Data items
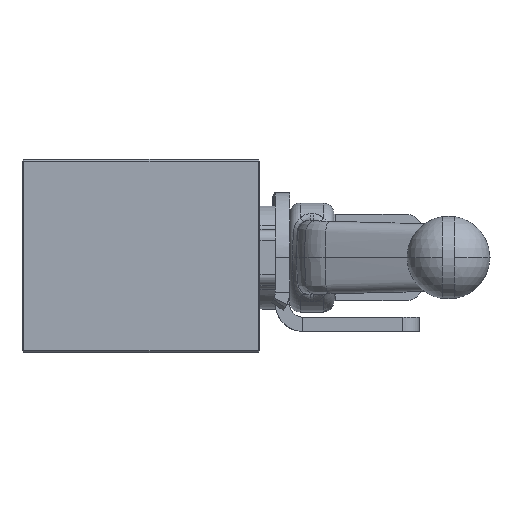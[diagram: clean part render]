
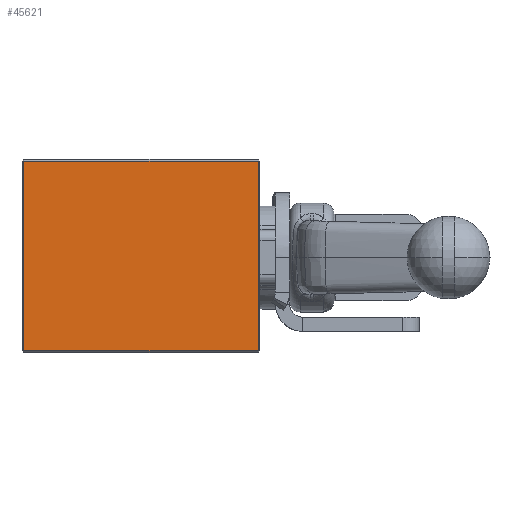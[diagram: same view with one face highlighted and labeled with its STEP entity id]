
A CAD part, front view. The second image highlights one B-rep face of the part: STEP entity #45621.
In plain terms, the highlighted planar face has unit normal (0, -1, 0).
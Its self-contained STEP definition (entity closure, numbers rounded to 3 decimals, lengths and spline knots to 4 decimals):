
#2492 = CARTESIAN_POINT ( 'NONE',  ( -0.2469, -0.0533, 3.4426 ) ) ;
#4444 = LINE ( 'NONE', #48352, #24837 ) ;
#5986 = VECTOR ( 'NONE', #34288, 39.3701 ) ;
#7936 = VERTEX_POINT ( 'NONE', #18669 ) ;
#8612 = PLANE ( 'NONE',  #15316 ) ;
#9134 = FACE_OUTER_BOUND ( 'NONE', #36455, .T. ) ;
#9392 = LINE ( 'NONE', #2492, #25424 ) ;
#9904 = LINE ( 'NONE', #14391, #5986 ) ;
#11594 = ORIENTED_EDGE ( 'NONE', *, *, #45923, .T. ) ;
#13594 = EDGE_CURVE ( 'NONE', #7936, #29845, #13765, .T. ) ;
#13631 = DIRECTION ( 'NONE',  ( 0., 0., -1. ) ) ;
#13765 = LINE ( 'NONE', #41091, #17791 ) ;
#14391 = CARTESIAN_POINT ( 'NONE',  ( -0.2669, -0.0533, 3.4226 ) ) ;
#15316 = AXIS2_PLACEMENT_3D ( 'NONE', #40434, #24750, #16300 ) ;
#16300 = DIRECTION ( 'NONE',  ( 0., 0., 1. ) ) ;
#17791 = VECTOR ( 'NONE', #29912, 39.3701 ) ;
#18669 = CARTESIAN_POINT ( 'NONE',  ( 2.4631, -0.0533, 1.2276 ) ) ;
#24210 = VERTEX_POINT ( 'NONE', #36023 ) ;
#24750 = DIRECTION ( 'NONE',  ( 0., 1., 0. ) ) ;
#24837 = VECTOR ( 'NONE', #36975, 39.3701 ) ;
#25424 = VECTOR ( 'NONE', #13631, 39.3701 ) ;
#29845 = VERTEX_POINT ( 'NONE', #37157 ) ;
#29912 = DIRECTION ( 'NONE',  ( 0., 0., 1. ) ) ;
#31092 = EDGE_CURVE ( 'NONE', #42805, #7936, #4444, .T. ) ;
#34288 = DIRECTION ( 'NONE',  ( -1., 0., 0. ) ) ;
#35774 = ORIENTED_EDGE ( 'NONE', *, *, #31092, .T. ) ;
#36023 = CARTESIAN_POINT ( 'NONE',  ( -0.2469, -0.0533, 3.4226 ) ) ;
#36455 = EDGE_LOOP ( 'NONE', ( #40989, #42745, #11594, #35774 ) ) ;
#36975 = DIRECTION ( 'NONE',  ( 1., 0., 0. ) ) ;
#37157 = CARTESIAN_POINT ( 'NONE',  ( 2.4631, -0.0533, 3.4226 ) ) ;
#40434 = CARTESIAN_POINT ( 'NONE',  ( -0.2669, -0.0533, 3.4426 ) ) ;
#40989 = ORIENTED_EDGE ( 'NONE', *, *, #13594, .T. ) ;
#41091 = CARTESIAN_POINT ( 'NONE',  ( 2.4631, -0.0533, 3.4426 ) ) ;
#42745 = ORIENTED_EDGE ( 'NONE', *, *, #45927, .T. ) ;
#42805 = VERTEX_POINT ( 'NONE', #50871 ) ;
#45621 = ADVANCED_FACE ( 'NONE', ( #9134 ), #8612, .F. ) ;
#45923 = EDGE_CURVE ( 'NONE', #24210, #42805, #9392, .T. ) ;
#45927 = EDGE_CURVE ( 'NONE', #29845, #24210, #9904, .T. ) ;
#48352 = CARTESIAN_POINT ( 'NONE',  ( 2.4831, -0.0533, 1.2276 ) ) ;
#50871 = CARTESIAN_POINT ( 'NONE',  ( -0.2469, -0.0533, 1.2276 ) ) ;
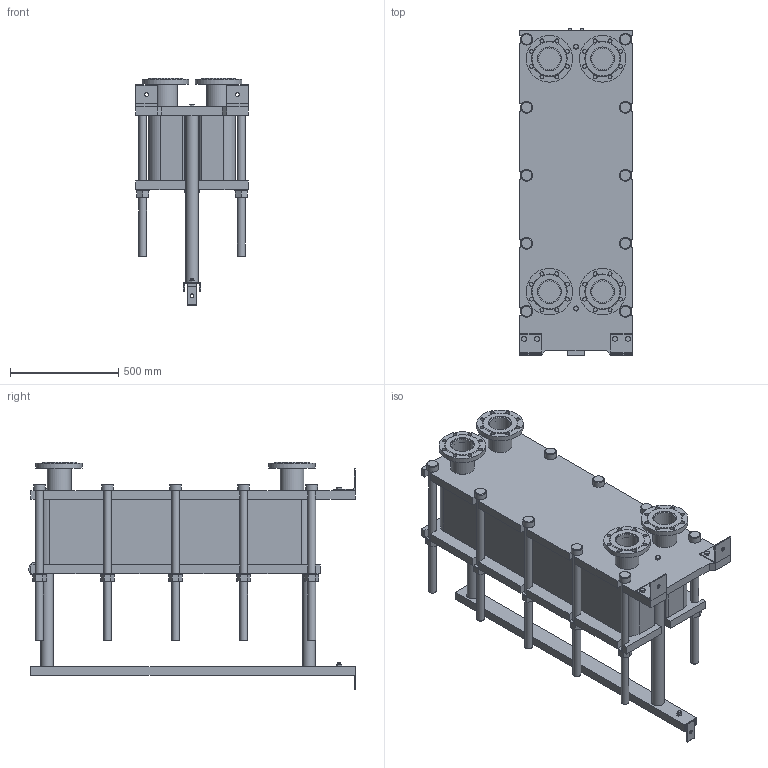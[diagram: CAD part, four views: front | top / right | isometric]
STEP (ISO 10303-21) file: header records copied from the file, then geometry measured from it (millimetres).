
FILE_DESCRIPTION(/* description */ (''),/* implementation_level */ '2;1');
FILE_NAME(/* name */ 'C:\Users\zhuro\Desktop\ENCO\TO\ЭН-04\ЭН-0,5-04-88-1.stp',/* time_stamp */ '2022-06-06T10:52:39+03:00',/* author */ ('zhuro'),/* organization */ (''),/* preprocessor_version */ 'ST-DEVELOPER v18.1',/* originating_system */ 'Autodesk Inventor 2022',/* authorisation */ '');
FILE_SCHEMA (('AUTOMOTIVE_DESIGN { 1 0 10303 214 3 1 1 }'));
Length unit declared in the file: millimetre
Products named in the file (1): ЭН-0,5-04-88-1
Bounding box: 520 x 1510 x 1049 mm (x, y, z)
Volume: 222285812 mm3; surface area: 8091380.8 mm2
Topology: 45 solids, 45 shells, 668 faces, 1611 edges, 1048 vertices
Faces by surface type: plane 457, cylinder 166, cone 39, torus 6
Full cylindrical faces by diameter (mm): 8 x4, 10 x2, 16 x8, 18 x35, 36 x25, 40 x2, 42 x1, 45 x4, 54 x10, 57 x2, 60 x10, 68 x2, 100 x4, 110 x8, 215 x4
Entity records: 23607 total; most frequent: CARTESIAN_POINT 7348, DIRECTION 3371, ORIENTED_EDGE 3142, EDGE_CURVE 1571, AXIS2_PLACEMENT_3D 1199, VERTEX_POINT 1044, LINE 973, VECTOR 973
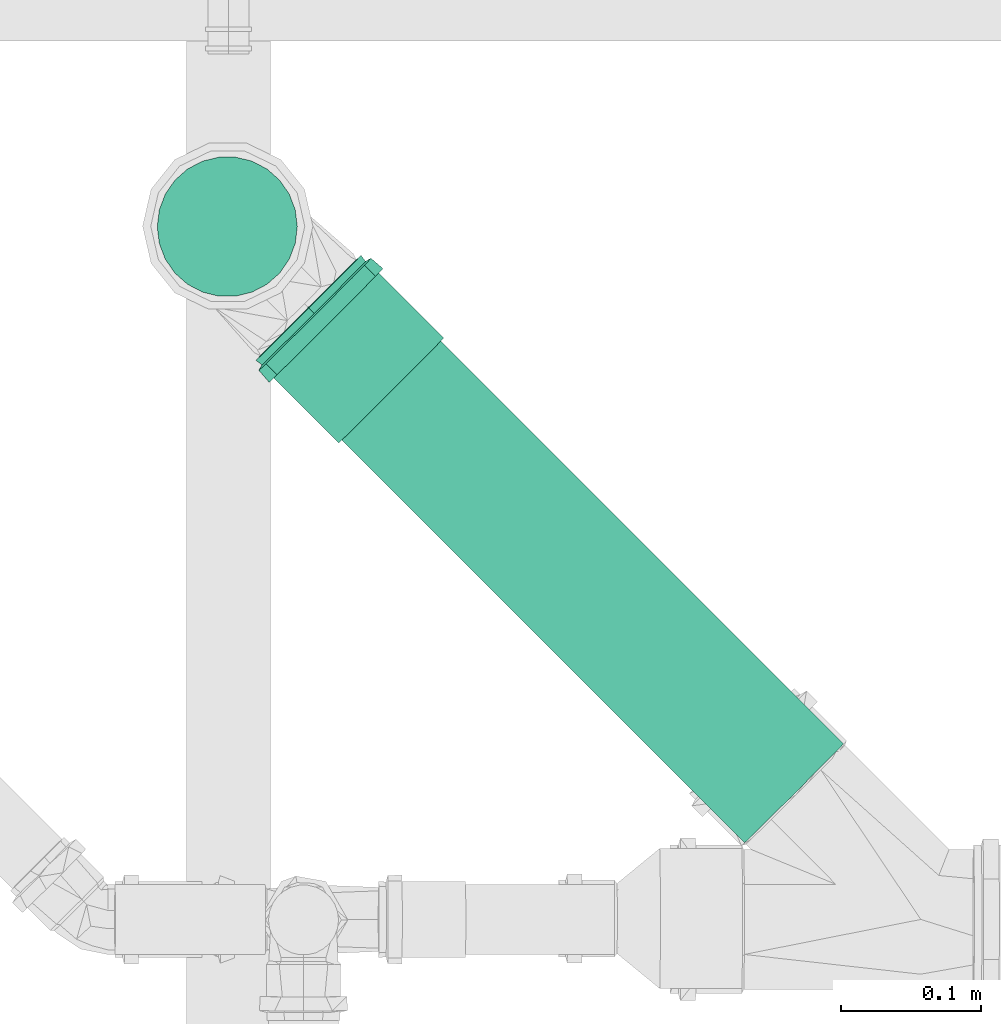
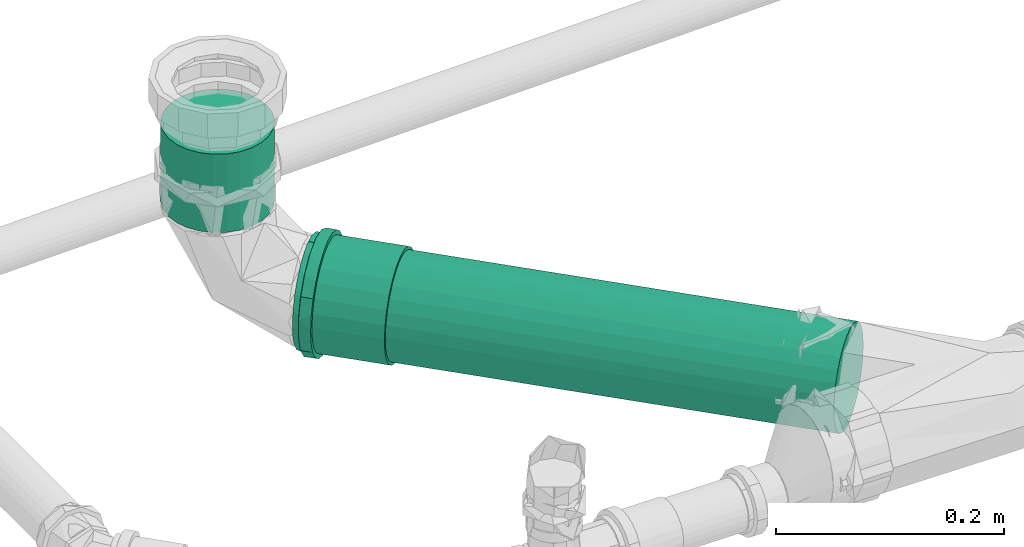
# One storey, part 285 of 589: 2 flow segments, 1 flow fitting.
"""IFC2X3 building model written with IfcOpenShell, lengths in millimetres."""

from ifc_helpers import new_model, entity, si_unit, converted_unit, derived_unit, direction, frame, frame_2d, origin, origin_2d_with_axis, place, context, subcontext, project, spatial, circle, extrude, faceted_brep, source, transform, mapped, material, type_object, type_shapes, element, save


model = new_model("IFC2X3")

# Units and contexts
model_context = context("Model", 3, precision=0.01, world=origin(), true_north=direction((6.123031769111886e-17, 1.0)))
body_context = subcontext(model_context, "Body", "Model", "MODEL_VIEW")
ifc_project = project(units=[si_unit("LENGTHUNIT", "METRE", prefix="MILLI"), si_unit("AREAUNIT", "SQUARE_METRE"), si_unit("VOLUMEUNIT", "CUBIC_METRE"), converted_unit("PLANEANGLEUNIT", "DEGREE", entity("IfcRatioMeasure", 0.017453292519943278), si_unit("PLANEANGLEUNIT", "RADIAN"), dimensions=[0, 0, 0, 0, 0, 0, 0]), si_unit("MASSUNIT", "GRAM", prefix="KILO"), derived_unit("MASSDENSITYUNIT", [(si_unit("MASSUNIT", "GRAM", prefix="KILO"), 1), (si_unit("LENGTHUNIT", "METRE"), -3)]), derived_unit("IONCONCENTRATIONUNIT", [(si_unit("MASSUNIT", "GRAM", prefix="KILO"), 1), (si_unit("LENGTHUNIT", "METRE"), -3)]), derived_unit("MOMENTOFINERTIAUNIT", [(si_unit("LENGTHUNIT", "METRE"), 4)]), si_unit("TIMEUNIT", "SECOND"), si_unit("FREQUENCYUNIT", "HERTZ"), si_unit("THERMODYNAMICTEMPERATUREUNIT", "DEGREE_CELSIUS"), derived_unit("THERMALTRANSMITTANCEUNIT", [(si_unit("MASSUNIT", "GRAM", prefix="KILO"), 1), (si_unit("THERMODYNAMICTEMPERATUREUNIT", "KELVIN"), -1), (si_unit("TIMEUNIT", "SECOND"), -3)]), derived_unit("THERMALCONDUCTANCEUNIT", [(si_unit("MASSUNIT", "GRAM", prefix="KILO"), 1), (si_unit("THERMODYNAMICTEMPERATUREUNIT", "KELVIN"), -1), (si_unit("TIMEUNIT", "SECOND"), -3), (si_unit("LENGTHUNIT", "METRE"), 1)]), derived_unit("VOLUMETRICFLOWRATEUNIT", [(si_unit("LENGTHUNIT", "METRE"), 3), (si_unit("TIMEUNIT", "SECOND"), -1)]), derived_unit("MASSFLOWRATEUNIT", [(si_unit("MASSUNIT", "GRAM", prefix="KILO"), 1), (si_unit("TIMEUNIT", "SECOND"), -1)]), derived_unit("ROTATIONALFREQUENCYUNIT", [(si_unit("TIMEUNIT", "SECOND"), -1)]), si_unit("ELECTRICCURRENTUNIT", "AMPERE"), si_unit("ELECTRICVOLTAGEUNIT", "VOLT"), si_unit("POWERUNIT", "WATT"), si_unit("FORCEUNIT", "NEWTON", prefix="KILO"), si_unit("ILLUMINANCEUNIT", "LUX"), si_unit("LUMINOUSFLUXUNIT", "LUMEN"), si_unit("LUMINOUSINTENSITYUNIT", "CANDELA"), derived_unit("USERDEFINED", [(si_unit("MASSUNIT", "GRAM", prefix="KILO"), -1), (si_unit("LENGTHUNIT", "METRE"), -2), (si_unit("TIMEUNIT", "SECOND"), 3), (si_unit("LUMINOUSFLUXUNIT", "LUMEN"), 1)]), derived_unit("USERDEFINED", [(si_unit("MASSUNIT", "GRAM", prefix="KILO"), 1), (si_unit("TIMEUNIT", "SECOND"), -3), (si_unit("LENGTHUNIT", "METRE"), 3), (si_unit("ELECTRICCURRENTUNIT", "AMPERE"), -2)]), derived_unit("SOUNDPOWERUNIT", [(si_unit("MASSUNIT", "GRAM", prefix="KILO"), 1), (si_unit("TIMEUNIT", "SECOND"), -3), (si_unit("LENGTHUNIT", "METRE"), 2)]), derived_unit("SOUNDPRESSUREUNIT", [(si_unit("MASSUNIT", "GRAM", prefix="KILO"), 1), (si_unit("LENGTHUNIT", "METRE"), -1), (si_unit("TIMEUNIT", "SECOND"), -2)]), derived_unit("LINEARVELOCITYUNIT", [(si_unit("LENGTHUNIT", "METRE"), 1), (si_unit("TIMEUNIT", "SECOND"), -1)]), si_unit("PRESSUREUNIT", "PASCAL"), derived_unit("USERDEFINED", [(si_unit("MASSUNIT", "GRAM", prefix="KILO"), 1), (si_unit("LENGTHUNIT", "METRE"), -2), (si_unit("TIMEUNIT", "SECOND"), -2)]), derived_unit("LINEARFORCEUNIT", [(si_unit("MASSUNIT", "GRAM", prefix="KILO"), 1), (si_unit("TIMEUNIT", "SECOND"), -2)]), derived_unit("PLANARFORCEUNIT", [(si_unit("MASSUNIT", "GRAM", prefix="KILO"), 1), (si_unit("LENGTHUNIT", "METRE"), -1), (si_unit("TIMEUNIT", "SECOND"), -2)]), derived_unit("SPECIFICHEATCAPACITYUNIT", [(si_unit("THERMODYNAMICTEMPERATUREUNIT", "KELVIN"), -1), (si_unit("LENGTHUNIT", "METRE"), 2), (si_unit("TIMEUNIT", "SECOND"), -2)]), derived_unit("HEATINGVALUEUNIT", [(si_unit("LENGTHUNIT", "METRE"), 2), (si_unit("TIMEUNIT", "SECOND"), -2)]), derived_unit("VAPORPERMEABILITYUNIT", [(si_unit("LENGTHUNIT", "METRE"), -1), (si_unit("TIMEUNIT", "SECOND"), 1)]), derived_unit("DYNAMICVISCOSITYUNIT", [(si_unit("MASSUNIT", "GRAM", prefix="KILO"), 1), (si_unit("TIMEUNIT", "SECOND"), -1), (si_unit("LENGTHUNIT", "METRE"), -1)]), derived_unit("THERMALEXPANSIONCOEFFICIENTUNIT", [(si_unit("THERMODYNAMICTEMPERATUREUNIT", "KELVIN"), -1)]), derived_unit("MODULUSOFELASTICITYUNIT", [(si_unit("MASSUNIT", "GRAM", prefix="KILO"), 1), (si_unit("LENGTHUNIT", "METRE"), -1), (si_unit("TIMEUNIT", "SECOND"), -2)]), derived_unit("ISOTHERMALMOISTURECAPACITYUNIT", [(si_unit("LENGTHUNIT", "METRE"), 3), (si_unit("MASSUNIT", "GRAM", prefix="KILO"), -1)]), derived_unit("MOISTUREDIFFUSIVITYUNIT", [(si_unit("TIMEUNIT", "SECOND"), -1), (si_unit("LENGTHUNIT", "METRE"), 2)])], contexts=[model_context])

# Site, building, storey
site_placement = place(None, origin())
site = spatial("IfcSite", under=ifc_project, at=site_placement, Name="Default", CompositionType="ELEMENT")
building_placement = place(site_placement, origin())
building = spatial("IfcBuilding", under=site, at=building_placement, CompositionType="ELEMENT")
storey_placement = place(building_placement, frame((0.0, 0.0, 100.0)))
storey = spatial("IfcBuildingStorey", under=building, at=storey_placement, Name="TÉRREO", CompositionType="ELEMENT", Elevation=100.0)

# Flow segments
pipe_segment_type = type_object("IfcPipeSegmentType", Name="Tipos de tubos:PVC Esgoto Série Normal", PredefinedType="NOTDEFINED")
flow_segment_1_placement = place(storey_placement, origin())
element("IfcFlowSegment", 1, at=flow_segment_1_placement, inside=storey, type_object=pipe_segment_type, Name="Tipos de tubos:PVC Esgoto Série Normal", ObjectType="Tipos de tubos:PVC Esgoto Série Normal", context=body_context, shape_type="SweptSolid", body=[
    extrude(circle(Radius=50.0, at=frame_2d((0.0, -3.3838751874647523e-14), x_axis=(1.0, 0.0))), frame((6458.527878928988, 6788.692753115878, -219.85893770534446), z_axis=(-0.7071067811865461, 0.7070714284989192, 0.0070707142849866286), x_axis=(-0.7070891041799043, -0.7071244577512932, 0.0)), (0.0, 0.0, 1.0), 490.3068071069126),
])
flow_segment_2_placement = place(storey_placement, origin())
element("IfcFlowSegment", 2, at=flow_segment_2_placement, inside=storey, type_object=pipe_segment_type, Name="Tipos de tubos:PVC Esgoto Série Normal", ObjectType="Tipos de tubos:PVC Esgoto Série Normal", context=body_context, shape_type="SweptSolid", body=[
    extrude(circle(Radius=50.0, at=origin_2d_with_axis()), frame((6053.880912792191, 7193.31948842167, -133.8622499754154)), (0.0, 0.0, 1.0), 83.86224997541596),
])

# Flow fitting
ifc_material = material(Name="PVC Série Normal")
pipe_fitting_type = type_object("IfcPipeFittingType", Name="PVC Esgoto_Luva Simples para Conexão_Rodrigo MEP:Standard", PredefinedType="NOTDEFINED", material=ifc_material)
shared_shape = source(origin(), body_context, "Body", "Brep", [
    faceted_brep([(17.770000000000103, 28.72500000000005, -49.753159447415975), (17.770000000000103, 40.62328457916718, -40.62328457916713), (17.770000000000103, 26.524999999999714, -45.94264767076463), (17.770000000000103, 13.730350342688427, -51.242365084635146), (17.770000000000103, 14.86915414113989, -55.49243872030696), (17.770000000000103, 37.5120147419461, -37.51201474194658), (17.770000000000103, 49.75315944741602, -28.724999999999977), (17.770000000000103, 45.94264767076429, -26.52500000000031), (17.770000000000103, 51.24236508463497, -13.730350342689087), (17.770000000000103, 55.49243872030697, -14.869154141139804), (17.770000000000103, 53.05, 0.0), (17.770000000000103, 57.45, 0.0), (17.770000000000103, 51.242365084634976, 13.730350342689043), (17.770000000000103, 55.49243872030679, 14.869154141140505), (17.770000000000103, 45.942647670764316, 26.52500000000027), (17.770000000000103, 49.753159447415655, 28.725000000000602), (17.770000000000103, 37.51201474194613, 37.51201474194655), (17.770000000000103, 40.62328457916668, 40.62328457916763), (17.770000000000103, 26.524999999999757, 45.9426476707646), (17.770000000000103, 28.72499999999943, 49.75315944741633), (17.770000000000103, 13.730350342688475, 51.24236508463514), (17.770000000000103, 14.8691541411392, 55.49243872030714), (17.770000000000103, 0.0, 53.05), (17.770000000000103, 0.0, 57.45), (17.770000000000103, -13.730350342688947, 51.24236508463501), (17.770000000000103, -14.869154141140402, 55.49243872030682), (17.770000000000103, -26.52500000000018, 45.94264767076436), (17.770000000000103, -28.725000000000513, 49.753159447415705), (17.770000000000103, -37.51201474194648, 37.5120147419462), (17.770000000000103, -40.62328457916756, 40.62328457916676), (17.770000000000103, -45.94264767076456, 26.524999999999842), (17.770000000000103, -49.7531594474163, 28.724999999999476), (17.770000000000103, -55.49243872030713, 14.869154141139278), (17.770000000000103, -51.24236508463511, 13.730350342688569), (17.770000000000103, -57.45, 0.0), (17.770000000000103, -53.05, 0.0), (17.770000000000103, -55.49243872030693, -14.86915414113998), (17.770000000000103, -51.24236508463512, -13.73035034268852), (17.770000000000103, -49.75315944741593, -28.72500000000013), (17.770000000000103, -45.942647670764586, -26.5249999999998), (17.770000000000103, -40.62328457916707, -40.62328457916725), (17.770000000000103, -37.512014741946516, -37.51201474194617), (17.770000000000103, -28.724999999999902, -49.75315944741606), (17.770000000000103, -26.525000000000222, -45.94264767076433), (17.770000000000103, -14.869154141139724, -55.492438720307), (17.770000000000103, -13.730350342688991, -51.242365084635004), (17.770000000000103, 0.0, -57.45), (17.770000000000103, 0.0, -53.05), (6.570000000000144, -19.34638876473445, 53.16657713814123), (6.57000000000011, -44.00761900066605, 36.93009572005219), (6.5700000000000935, -48.99626263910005, 28.290173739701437), (6.5700000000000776, -53.98490627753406, 19.65025175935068), (6.570000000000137, -28.721697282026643, 49.75506612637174), (6.570000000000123, -36.36465814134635, 43.34258092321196), (6.57000000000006, -55.71745313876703, 9.825125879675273), (6.570000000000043, -57.45, 0.0), (6.570000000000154, -9.971080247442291, 56.57808814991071), (6.570000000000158, 9.98234714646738, 56.576101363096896), (6.570000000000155, 0.005633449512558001, 56.577094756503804), (6.570000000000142, 36.37328876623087, 43.33533831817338), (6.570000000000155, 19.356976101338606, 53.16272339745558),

▸ **ACTIVITY**
Filter the lines above, keeping and copying those that contain "PredefinedType".

▸ **ANSWER FOR THIS EXERCISE**
pipe_segment_type = type_object("IfcPipeSegmentType", Name="Tipos de tubos:PVC Esgoto Série Normal", PredefinedType="NOTDEFINED")
pipe_fitting_type = type_object("IfcPipeFittingType", Name="PVC Esgoto_Luva Simples para Conexão_Rodrigo MEP:Standard", PredefinedType="NOTDEFINED", material=ifc_material)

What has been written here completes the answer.